Earlier this month, O’Rourke’s campaign publicized a pledge by O’Rourke, if elected, to sign an executive order requiring his Cabinet secretaries to hold monthly town hall meetings — effectively codifying his commitment to listen to and learn from his constituents. The proposal was in keeping with O’Rourke’s grueling schedule of campaign appearances across the country, after holding more than 100 town hall meetings in his Texas congressional district while in the House.
O’Rourke’s willingness to volunteer his own gaps in knowledge is rare for a politician and endearing to his supporters. And it has benefited him politically in previous campaigns.

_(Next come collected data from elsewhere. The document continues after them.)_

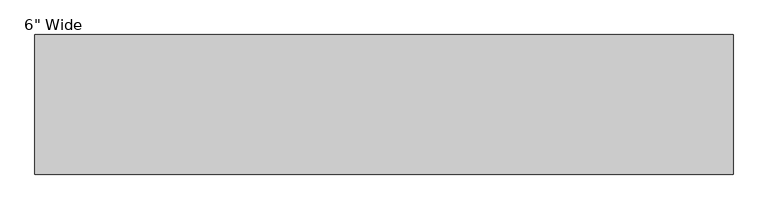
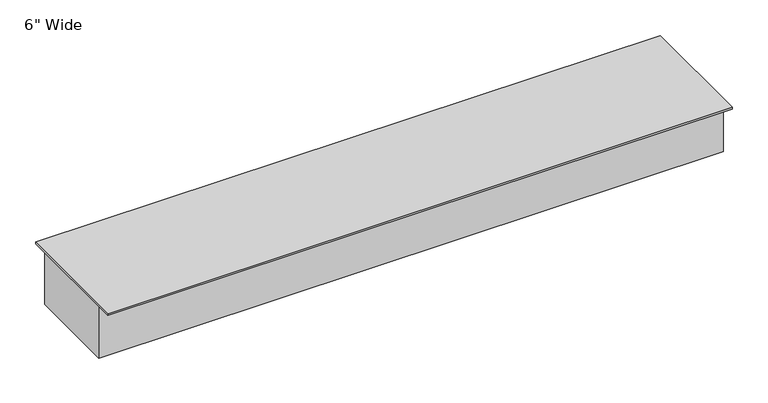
"""IFC4 building model written with IfcOpenShell, lengths in millimetres: proxy geometry."""

from ifc_helpers import new_model, si_unit, frame, origin, place, context, project, spatial, polyline, outline, extrude, source, transform, mapped, element, save


def proxy_b5014839(model_context):
    return source(origin(), model_context, "Body", "SweptSolid", [
        extrude(outline(polyline([(1016.0, 101.6), (1016.0, -101.6), (0.0, -101.6), (0.0, 101.6), (1016.0, 101.6)])), frame((0.0, 0.0, -3.175), z_axis=(0.0, 0.0, 1.0), x_axis=(1.0, 0.0, 0.0)), (0.0, 0.0, 1.0), 3.175),
        extrude(outline(polyline([(1016.0, 76.2), (1016.0, -76.2), (0.0, -76.2), (0.0, 76.2), (1016.0, 76.2)])), frame((0.0, 0.0, -92.075), z_axis=(0.0, 0.0, 1.0), x_axis=(1.0, 0.0, 0.0)), (0.0, 0.0, 1.0), 88.9),
    ])


if __name__ == "__main__":
    model = new_model("IFC4")
    model_context = context("Model", 3, world=origin())
    ifc_project = project(units=[si_unit("LENGTHUNIT", "METRE", prefix="MILLI")], contexts=[model_context])
    site = spatial("IfcSite", under=ifc_project)
    building = spatial("IfcBuilding", under=site)
    placement = place(None, origin())
    proxy_shape = proxy_b5014839(model_context)
    element("IfcBuildingElementProxy", 1, Name="Duct-Wallduct-Wiremold : 6\" Wide", ObjectType="Duct-Wallduct-Wiremold : 6\" Wide", at=placement, inside=building, context=model_context, shape_type="MappedRepresentation", body=[
        mapped(proxy_shape, transform((0.0, 0.0, 0.0), x_axis=(1.0, 0.0, 0.0), y_axis=(0.0, 1.0, 0.0), z_axis=(0.0, 0.0, 1.0))),
    ])
    save(model, "model.ifc")
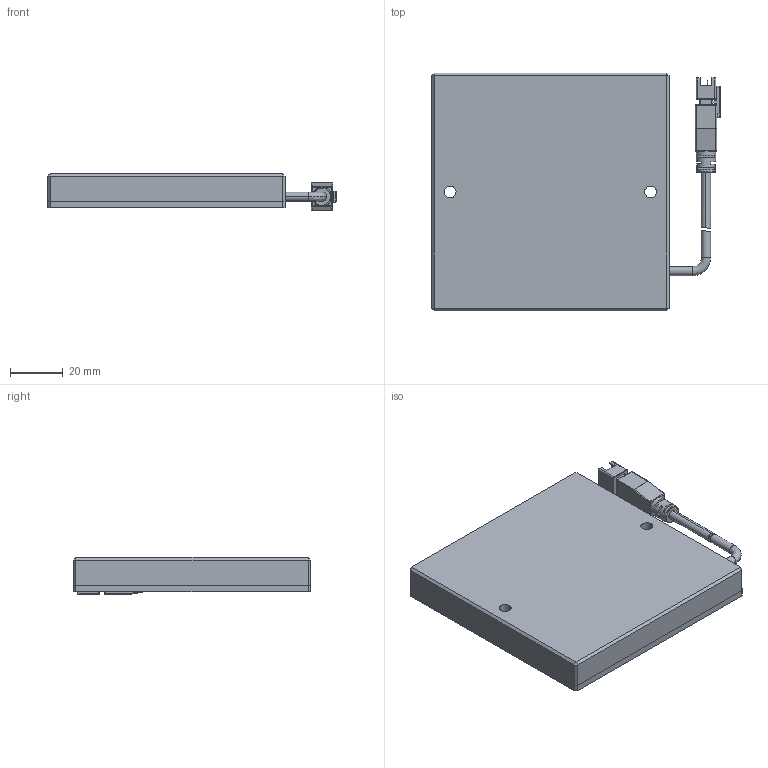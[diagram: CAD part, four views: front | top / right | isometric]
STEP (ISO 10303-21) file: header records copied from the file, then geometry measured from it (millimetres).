
FILE_DESCRIPTION (( 'STEP AP203' ), '1' );
FILE_NAME ('CRT-FLC5050-¼òÒ×3DÍ¼.STEP', '2021-12-10T01:51:52', ( 'Admin' ), ( '' ), 'SwSTEP 2.0', 'SolidWorks 2018', '' );
FILE_SCHEMA (( 'CONFIG_CONTROL_DESIGN' ));
Length unit declared in the file: millimetre
Products named in the file (1): CRT-FLC5050-潠眢3D芞
Bounding box: 109.45 x 90 x 14.1 mm (x, y, z)
Surface area: 30970.6 mm2 (no closed solid volume)
Topology: 0 solids, 5 shells, 241 faces, 691 edges, 437 vertices
Faces by surface type: plane 145, cylinder 69, bspline 20, torus 4, cone 3
Entity records: 8367 total; most frequent: CARTESIAN_POINT 2183, DIRECTION 1249, ORIENTED_EDGE 1228, EDGE_CURVE 681, VECTOR 453, LINE 453, VERTEX_POINT 437, AXIS2_PLACEMENT_3D 398

Russell Autry, a pollster who worked for O’Rourke during his time on the city council in El Paso, Texas, said, “When he started this [presidential] campaign, he was pretty clear what he wanted to do first of all was listen and meet as many people as possible. That was part of his strategy when he first ran for city council in El Paso and when he first ran for Congress.”
“He wants to have a dialogue, and he wants to engage with real, live citizens, taxpayers, voters, and hear what they have to say. And I think he’s good at it,” Autry said. “This is what Beto does. He does his homework and he tries to engage people. And when it comes time for there to be meat on the bones in terms of public policy, I think you’re going to start seeing that.”